Optimal Initialization of Batch Bayesian Optimization
Jiuge Ren, David Sweet
TL;DR
This work tackles the efficiency of batch Bayesian optimization in low-budget settings by introducing Minimal Terminal Variance (MTV), an acquisition function that optimizes an initial batch and all subsequent batches. MTV embodies an I-Optimality concept weighted by the probability that a point is optimal, $p_*(x)$, and evaluates the objective via a Monte Carlo approximation of the terminal GP variance $ abla \,\sigma^2(x|x_a)$ with respect to batch arms $x_a$, using fantasized GPs for fast computations. The method relies on three pillars: sampling from $p_*(x)$ with a problem-specific MCMC, minimizing the integral approximation of MTV, and careful initialization of the acquisition function optimizer.

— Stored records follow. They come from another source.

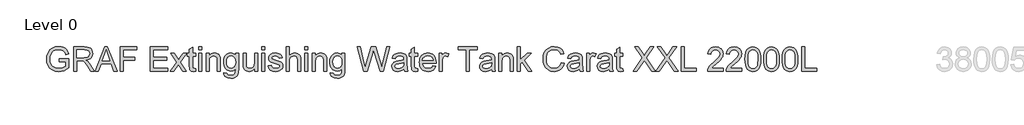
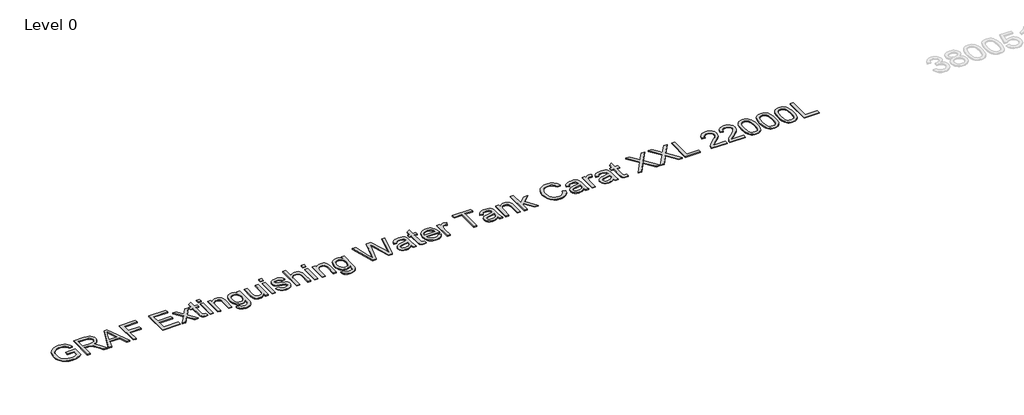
# One storey, part 15 of 37: 1 proxy.
"""IFC4 building model written with IfcOpenShell, lengths in millimetres."""

from ifc_helpers import new_model, si_unit, origin, origin_with_axes, place, context, project, spatial, polyline, outline, extrude, element, save

model = new_model("IFC4")

# Units and contexts
model_context = context("Model", 3, world=origin())
ifc_project = project(units=[si_unit("LENGTHUNIT", "METRE", prefix="MILLI")], contexts=[model_context])

# Site, building, storey
site = spatial("IfcSite", under=ifc_project)
building = spatial("IfcBuilding", under=site)
storey = spatial("IfcBuildingStorey", under=building, Name="Level 0", Elevation=0.0)

# Proxy
placement = place(None, origin())
element("IfcBuildingElementProxy", 1, Name="300mm Arial", ObjectType="300mm Arial", at=placement, inside=storey, context=model_context, shape_type="SweptSolid", body=[
    extrude(outline(polyline([(-17240.9940387, -5583.2545597), (-17240.9940387, -5545.5834434), (-17118.5629107, -5545.5834434), (-17118.5629107, -5658.2289103), (-17148.3153671, -5678.9222726), (-17179.0059225, -5693.7663111), (-17210.5610007, -5702.7058436), (-17242.9070251, -5705.6856877), (-17285.1674693, -5700.949207), (-17323.3628175, -5686.739765), (-17355.0926395, -5663.5540022), (-17377.9565055, -5631.8885595), (-17391.7796715, -5593.9047435), (-17396.3873935, -5551.7638609), (-17391.7980656, -5509.3194757), (-17378.0300819, -5469.8365406), (-17355.6536596, -5436.717964), (-17325.2390156, -5413.3666543), (-17288.1932987, -5399.5158972), (-17245.9236575, -5394.8989782), (-17214.8928112, -5397.5753197), (-17186.9889618, -5405.6043443), (-17163.4904994, -5418.4066377), (-17145.6758138, -5435.4027859), (-17132.4964413, -5457.4113262), (-17122.9039183, -5485.2507962), (-17157.6319786, -5495.0364573), (-17165.3850917, -5475.1800266), (-17174.8120678, -5460.1980323), (-17187.2832674, -5448.9040551), (-17204.169051, -5440.1116754), (-17224.3013932, -5434.4554897), (-17246.5122687, -5432.5700945), (-17272.5123287, -5434.6026425), (-17294.7415982, -5440.7002866), (-17313.1173039, -5450.0996716), (-17327.5566722, -5462.0374423), (-17346.9440533, -5491.0633317), (-17355.7732212, -5519.50061), (-17358.7162772, -5550.2187566), (-17355.175413, -5586.2436009), (-17344.5528204, -5615.8856927), (-17327.1703961, -5638.9334997), (-17303.3500369, -5655.1754898), (-17275.4737787, -5664.804801), (-17245.9236575, -5668.0145714), (-17219.831627, -5665.5957473), (-17194.3833899, -5658.3392749), (-17172.2828791, -5648.3420817), (-17156.234027, -5637.701095), (-17156.234027, -5583.2545597), (-17240.9940387, -5583.2545597)])), origin_with_axes(), (0.0, 0.0, 1.0), 10.0),
    extrude(outline(polyline([(-17057.3473467, -5700.9767982), (-17057.3473467, -5399.6078677), (-16927.4850024, -5399.6078677), (-16892.5821982, -5401.6404158), (-16867.1891434, -5407.7380598), (-16848.6294968, -5418.9952489), (-16834.2269167, -5436.5064318), (-16824.9838815, -5458.2206666), (-16821.9028698, -5482.087011), (-16827.0072325, -5511.7750881), (-16842.3203206, -5536.3863935), (-16853.9200997, -5546.4157764), (-16868.3019865, -5554.4310054), (-16905.4120827, -5564.4190016), (-16884.0013506, -5580.532233), (-16853.467145, -5619.3069952), (-16803.2144645, -5700.9767982), (-16846.9924219, -5700.9767982), (-16886.2086426, -5638.5104354), (-16914.5355562, -5597.1604991), (-16934.4379722, -5577.6259652), (-16952.3538253, -5570.4522663), (-16974.2060158, -5569.1278911), (-17019.6762304, -5569.1278911), (-17019.6762304, -5700.9767982), (-17057.3473467, -5700.9767982)]), holes=[polyline([(-17019.6762304, -5531.4567748), (-16935.3576771, -5531.4567748), (-16911.1418448, -5530.1232026), (-16892.3522719, -5526.1224859), (-16878.2072092, -5519.1879103), (-16867.9249074, -5509.0527613), (-16861.6617165, -5496.7930938), (-16859.5739861, -5483.4849626), (-16863.5563087, -5465.109257), (-16875.5032765, -5450.3020067), (-16896.058683, -5440.5347397), (-16925.8663217, -5437.278984), (-17019.6762304, -5437.278984), (-17019.6762304, -5531.4567748)])]), origin_with_axes(), (0.0, 0.0, 1.0), 10.0),
    extrude(outline(polyline([(-16791.0743586, -5700.9767982), (-16670.7769462, -5399.6078677), (-16638.6976362, -5399.6078677), (-16518.4002238, -5700.9767982), (-16558.2050557, -5700.9767982), (-16592.7123868, -5606.7990074), (-16716.835772, -5606.7990074), (-16751.2695268, -5700.9767982), (-16791.0743586, -5700.9767982)]), holes=[polyline([(-16703.003409, -5569.1278911), (-16606.4711735, -5569.1278911), (-16633.6208647, -5495.0364573), (-16654.7372912, -5437.278984), (-16673.499273, -5488.5617342), (-16703.003409, -5569.1278911)])]), origin_with_axes(), (0.0, 0.0, 1.0), 10.0),
    extrude(outline(polyline([(-16478.1539335, -5700.9767982), (-16478.1539335, -5399.6078677), (-16275.6716834, -5399.6078677), (-16275.6716834, -5437.278984), (-16440.4828172, -5437.278984), (-16440.4828172, -5526.7478853), (-16299.2161311, -5526.7478853), (-16299.2161311, -5564.4190016), (-16440.4828172, -5564.4190016), (-16440.4828172, -5700.9767982), (-16478.1539335, -5700.9767982)])), origin_with_axes(), (0.0, 0.0, 1.0), 10.0),
    extrude(outline(polyline([(-16106.15166, -5700.9767982), (-16106.15166, -5399.6078677), (-15889.5427413, -5399.6078677), (-15889.5427413, -5437.278984), (-16068.4805437, -5437.278984), (-16068.4805437, -5526.7478853), (-15898.9605203, -5526.7478853), (-15898.9605203, -5564.4190016), (-16068.4805437, -5564.4190016), (-16068.4805437, -5663.3056819), (-15884.8338517, -5663.3056819), (-15884.8338517, -5700.9767982), (-16106.15166, -5700.9767982)])), origin_with_axes(), (0.0, 0.0, 1.0), 10.0),
    extrude(outline(polyline([(-15856.5805145, -5700.9767982), (-15776.0879339, -5589.7292828), (-15851.8716249, -5479.6589899), (-15806.5485631, -5479.6589899), (-15769.9810928, -5532.6339972), (-15752.9113682, -5557.6499729), (-15738.122512, -5537.1957339), (-15696.4782702, -5479.6589899), (-15651.1552084, -5479.6589899), (-15730.7648721, -5589.7292828), (-15654.0982643, -5700.9767982), (-15699.4213261, -5700.9767982), (-15745.5537283, -5634.0958515), (-15754.0150142, -5621.8821692), (-15811.2574527, -5700.9767982), (-15856.5805145, -5700.9767982)])), origin_with_axes(), (0.0, 0.0, 1.0), 10.0),
    extrude(outline(polyline([(-15541.0849154, -5669.5596758), (-15536.3760259, -5702.0804442), (-15564.5557867, -5705.6856877), (-15582.6371868, -5704.1221892), (-15596.1200619, -5699.4316938), (-15605.6482056, -5692.2028126), (-15611.8654113, -5683.0241568), (-15615.2867139, -5667.2604133), (-15616.427148, -5640.276269), (-15616.427148, -5517.3301062), (-15644.6804853, -5517.3301062), (-15644.6804853, -5479.6589899), (-15616.427148, -5479.6589899), (-15616.427148, -5425.8746422), (-15578.7560317, -5403.7281461), (-15578.7560317, -5479.6589899), (-15541.0849154, -5479.6589899), (-15541.0849154, -5517.3301062), (-15578.7560317, -5517.3301062), (-15578.7560317, -5639.172623), (-15576.769469, -5658.5967923), (-15570.331534, -5665.4761856), (-15557.4924524, -5668.0145714), (-15541.0849154, -5669.5596758)])), origin_with_axes(), (0.0, 0.0, 1.0), 10.0),
    extrude(outline(polyline([(-15503.4137991, -5437.278984), (-15503.4137991, -5399.6078677), (-15465.7426828, -5399.6078677), (-15465.7426828, -5437.278984), (-15503.4137991, -5437.278984)])), origin_with_axes(), (0.0, 0.0, 1.0), 10.0),
    extrude(outline(polyline([(-15503.4137991, -5700.9767982), (-15503.4137991, -5479.6589899), (-15465.7426828, -5479.6589899), (-15465.7426828, -5700.9767982), (-15503.4137991, -5700.9767982)])), origin_with_axes(), (0.0, 0.0, 1.0), 10.0),
    extrude(outline(polyline([(-15409.2360084, -5700.9767982), (-15409.2360084, -5479.6589899), (-15371.564892, -5479.6589899), (-15371.564892, -5510.5610775), (-15358.4774901, -5494.981275), (-15342.7597318, -5483.8528446), (-15324.4116173, -5477.1757864), (-15303.4331465, -5474.9501003), (-15284.8643028, -5476.7435251), (-15267.8589576, -5482.1237992), (-15253.6771067, -5490.4195382), (-15243.5787459, -5500.9593574), (-15232.2847687, -5528.6608716), (-15230.2982059, -5565.0811892), (-15230.2982059, -5700.9767982), (-15267.9693222, -5700.9767982), (-15267.9693222, -5570.1579607), (-15272.3103297, -5536.8278519), (-15278.3160033, -5526.9042351), (-15287.6510089, -5519.2063044), (-15299.6163708, -5514.2674886), (-15313.5131132, -5512.6212166), (-15335.5768359, -5516.3184307), (-15354.3848029, -5527.4100729), (-15361.9010919, -5536.4645685), (-15367.2698698, -5548.8391991), (-15371.564892, -5583.5488653), (-15371.564892, -5700.9767982), (-15409.2360084, -5700.9767982)])), origin_with_axes(), (0.0, 0.0, 1.0), 10.0),
    extrude(outline(polyline([(-15187.9182001, -5719.8123563), (-15150.2470837, -5724.5212459), (-15146.0900172, -5736.2934697), (-15138.0334015, -5744.3868736), (-15122.1960816, -5750.6776557), (-15101.4659312, -5752.7745831), (-15079.3562233, -5750.4017442), (-15062.9118981, -5743.2832276), (-15051.5075562, -5731.8788858), (-15044.5177983, -5716.6485712), (-15041.9426244, -5672.7234609), (-15054.4782034, -5685.084296), (-15068.4669162, -5693.9134639), (-15083.908763, -5699.2109646), (-15100.8037436, -5700.9767982), (-15121.4580184, -5698.9212575), (-15139.6428852, -5692.7546356), (-15155.3583442, -5682.4769323), (-15168.6043953, -5668.0881478), (-15179.1143241, -5650.8252852), (-15186.621416, -5631.9253477), (-15191.1256712, -5611.3883353), (-15192.6270896, -5589.214248), (-15189.932354, -5558.7996041), (-15181.8481471, -5530.8313754), (-15168.6595776, -5507.1305779), (-15150.6517539, -5489.5182274), (-15128.4408785, -5478.5921321), (-15102.6431536, -5474.9501003), (-15085.0262045, -5477.0102395), (-15069.0371333, -5483.190657), (-15054.6759399, -5493.4913529), (-15041.9426244, -5507.9123271), (-15041.9426244, -5479.6589899), (-15004.2715081, -5479.6589899), (-15004.2715081, -5670.7368982), (-15006.846682, -5714.8551464), (-15014.5722039, -5743.908627), (-15027.8803351, -5763.1764465), (-15047.2033369, -5777.9377116), (-15072.118145, -5787.3187024), (-15102.2016952, -5790.4456994), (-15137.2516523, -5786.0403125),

Empirical results on standard test functions and reinforcement learning simulators show that MTV outperforms common initialization and batch-design baselines across dimensions and problem types, and it remains compatible with ensemble approaches, offering a practical pathway to more informative experiments in both field and simulation contexts.
Abstract
Field experiments and computer simulations are effective but time-consuming methods of measuring the quality of engineered systems at different settings. To reduce the total time required, experimenters may employ Bayesian optimization, which is parsimonious with measurements, and take measurements of multiple settings simultaneously, in a batch. In practice, experimenters use very few batches, thus, it is imperative that each batch be as informative as possible. Typically, the initial batch in a Batch Bayesian Optimization (BBO) is constructed from a quasi-random sample of settings values. We propose a batch-design acquisition function, Minimal Terminal Variance (MTV), that designs a batch by optimization rather than random sampling. MTV adapts a design criterion function from Design of Experiments, called I-Optimality, which minimizes the variance of the post-evaluation estimates of quality, integrated over the entire space of settings. MTV weights the integral by the probability that a setting is optimal, making it able to design not only an initial batch but all subsequent batches, as well. Applicability to both initialization and subsequent batches is novel among acquisition functions. Numerical experiments on test functions and simulators show that MTV compares favorably to other BBO methods.